Traditionally, an attack on a consulate has always been seen as an act of war, much less the brutal murder of an ambassador.  Yet on Benghazi, the administration not only failed to manage it from a military standpoint, but even from any sort of modest foreign policy issue as well.  In a real way, the administration signaled to all in the State Department that they are expendable and that the administration will not provide security for embassy (or consulate) personnel.  There has been no one held accountable – not in our own government or the government of Libya.  There has been no action to hold those accountable for such a heinous act and no assistance from Libya in determining what faction, Islamic terrorist group, or nation to hold accountable.  I will never forget Secretary of State Hillary Clinton as she screamed, “It’s four dead Americans. What difference, at this point, does it make?”  For the families, the friends, and the people of the United States, it does make a difference.

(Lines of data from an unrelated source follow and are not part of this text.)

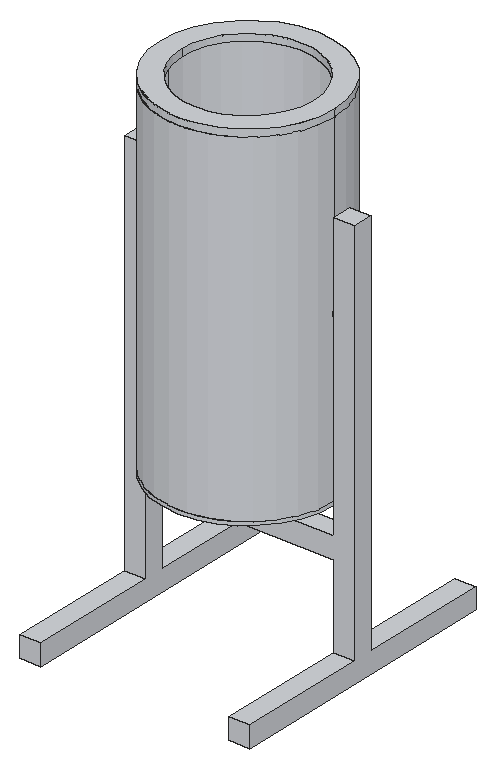
Revit family "Урна УТ2-250Н", category Антураж, Revit 2017
Family settings
  На основе рабочей плоскости = Нет
  Всегда вертикально = Да
  При загрузке вырезать с полостями = Нет
  Источник визуального образа = Геометрия семейства
  Общий = Нет
  Точка расчета площади = Нет
Parameters (values of type "УТ2-250Н")
  Стоимость = 2500
  Изготовитель = "ООО «Хоббика»"
  Высота = 0 mm
  URL = "https://hobbyka.ru/product/urna_ut2250n/"
  ADSK_Размер_Ширина = 330 mm
  ADSK_Размер_Длина = 405 mm
  ADSK_Размер_Диаметр = 250 mm
  ADSK_Размер_Глубина = 510 mm
  ADSK_Размер_Высота = 720 mm
  ADSK_Объем = 25.00 m³
  ADSK_Наименование = "Урна УТ2-250H"
  ADSK_Материал держателя = none
  ADSK_Материал ведра = none
  ADSK_Масса = 5.40 kg
  ADSK_Код изделия = "9358"
Reference planes
  plane 1 "По центру (Вперед/Назад)": y = 0
  plane 2: z = 0
  plane 3 "По центру (Влево/Вправо)": x = 0
  plane 4: z = 720
Forms (mm)
  Extrusion 1, solid
    sketch origin (0, 0, 0) x (1, 0, 0) y (0, 1, 0)
      loop
        circle (0, 0) r 125
      loop
        circle (0, 0) r 115
    from 210 to 710
  Extrusion 2, solid, material <- "ADSK_Материал держателя"
    sketch origin (0, 0, 0) x (1, 0, 0) y (0, 0, 1)
      loop
        line (-135, 30) -> (-165, 30) -> (-165, 0) -> (-135, 0) -> (-135, 30)
      loop
        line (165, 30) -> (135, 30) -> (135, 0) -> (165, 0) -> (165, 30)
    from 202.5 to -202.5
  Extrusion 3, solid, material <- "ADSK_Материал держателя"
    sketch origin (0, 0, 0) x (1, 0, 0) y (0, 0, 1)
      loop
        line (165, 30) -> (165, 590) -> (135, 590) -> (135, 180) -> (-135, 180) -> (-135, 590) -> (-165, 590) -> (-165, 30) -> (-135, 30) -> (-135, 150) -> (135, 150) -> (135, 30) -> (165, 30)
    from -15 to 15
  Extrusion 4, solid, material <- "ADSK_Материал ведра"
    sketch origin (0, 0, 0) x (1, 0, 0) y (0, 1, 0)
      loop
        circle (0, 0) r 125
      loop
        circle (0, 0) r 95
    from 710 to 720
  Extrusion 5, solid, material <- "ADSK_Материал держателя"
    sketch origin (0, 0, 0) x (0, 1, 0) y (0, 0, 1)
      loop
        circle (0, 458.927) r 5
    from 135 to 125.013
  Extrusion 6, solid, material <- "ADSK_Материал держателя"
    sketch origin (-307.475, 0, 0) x (0, 1, 0) y (0, 0, 1)
      loop
        circle (0, 458.927) r 5
    from 172.475 to 182.475
  Extrusion 7, solid
    sketch origin (0, 0, 0) x (1, 0, 0) y (0, 1, 0)
      loop
        circle (0, 0) r 125
    from 210 to 215
Cuts and joins
  joined: Extrusion 2, Extrusion 3
  joined: Extrusion 1, Extrusion 7
Dimensions and locks
  Extrusion 2 to Extrusion 2 = 405 mm
  "ADSK_Размер_Высота": plane 4 to level
  cut or joined group of Extrusion 2, Extrusion 3 to cut or joined group of Extrusion 2, Extrusion 3 = 330 mm
  aligned and locked: level to plane 2
  aligned and locked: plane 4 to Extrusion 4
Automatic sketch dimensions
  Extrusion 2 sketch curve to level = 0 mm  (x2)
  level to Extrusion 2 sketch curve = 30 mm  (x2)
  Extrusion 2 sketch curve to plane 3 "По центру (Влево/Вправо)" = 165 mm
  Extrusion 2 sketch curve to Extrusion 2 sketch curve = 30 mm  (x2)
  plane 3 "По центру (Влево/Вправо)" to Extrusion 2 sketch curve = 135 mm
  level to Extrusion 3 sketch curve = 30 mm  (x2)
  Extrusion 3 sketch curve to plane 3 "По центру (Влево/Вправо)" = 165 mm
  Extrusion 3 sketch curve to plane 4 = 130 mm  (x2)
  Extrusion 3 sketch curve to Extrusion 3 sketch curve = 30 mm  (x4)
  plane 3 "По центру (Влево/Вправо)" to Extrusion 3 sketch curve = 135 mm
  Extrusion 3 sketch curve to Extrusion 3 sketch curve = 0 mm
  Extrusion 3 sketch curve to Extrusion 3 sketch curve = 120 mm
  Extrusion 5 sketch curve to plane 1 "По центру (Вперед/Назад)" = 0 mm
  Extrusion 5 sketch curve to plane 4 = 261.073 mm
  Extrusion 6 sketch curve to plane 1 "По центру (Вперед/Назад)" = 0 mm
  Extrusion 6 sketch curve to plane 4 = 261.073 mm
  plane 1 "По центру (Вперед/Назад)" to Extrusion 1 sketch curve = 0 mm
  Extrusion 1 sketch curve to plane 3 "По центру (Влево/Вправо)" = 0 mm
  Extrusion 1 sketch curve to Extrusion 1 sketch curve = 0 mm  (x2)
  plane 1 "По центру (Вперед/Назад)" to Extrusion 4 sketch curve = 0 mm
  Extrusion 4 sketch curve to plane 3 "По центру (Влево/Вправо)" = 0 mm
  Extrusion 4 sketch curve to Extrusion 4 sketch curve = 0 mm  (x2)
  Extrusion 7 sketch curve to Extrusion 7 sketch curve = 0 mm  (x2)
  plane 1 "По центру (Вперед/Назад)" to Extrusion 7 sketch curve = 0 mm
  Extrusion 7 sketch curve to plane 3 "По центру (Влево/Вправо)" = 0 mm
  Extrusion 7 sketch curve to plane 3 "По центру (Влево/Вправо)" = 125 mm
  radius of Extrusion 1 sketch curve = 125 mm
  radius of Extrusion 4 sketch curve = 125 mm
  radius of Extrusion 5 sketch curve = 5 mm
  radius of Extrusion 6 sketch curve = 5 mm
  radius of Extrusion 1 sketch curve = 115 mm
  radius of Extrusion 4 sketch curve = 95 mm

The most recent sign of the ineptness of the Obama administration’s foreign policy occurred this last week with Mrs. Obama’s Twitter posting, #bringbackourgirls as a response to what has happened to the young school girls in Nigeria.  While it is nice that the First Lady is aware of the plight, and as Hollywood goes haywire over her use of social media, what does this accomplish?  Does it further American foreign policy aims or is it simply lip service to pacify those who are more into social trends and fads rather than the realities of the world? Maybe the administration simply needs to vocalize its true attitudes of foreign affairs as did its first Secretary of State did… “there are 300 Nigerian girls who were kidnapped; what difference, at this point, does it make?” In the end, the world is a much more dangerous place without American dominance.

Alan Simmons

Alan Simmons is an adjunct instructor of history at Henderson Community College. He has been teaching at the college/university level since 2004. Within the scope of his degrees, his areas of emphasis are U.S. foreign policy, public policy history, political history, and U.S. history.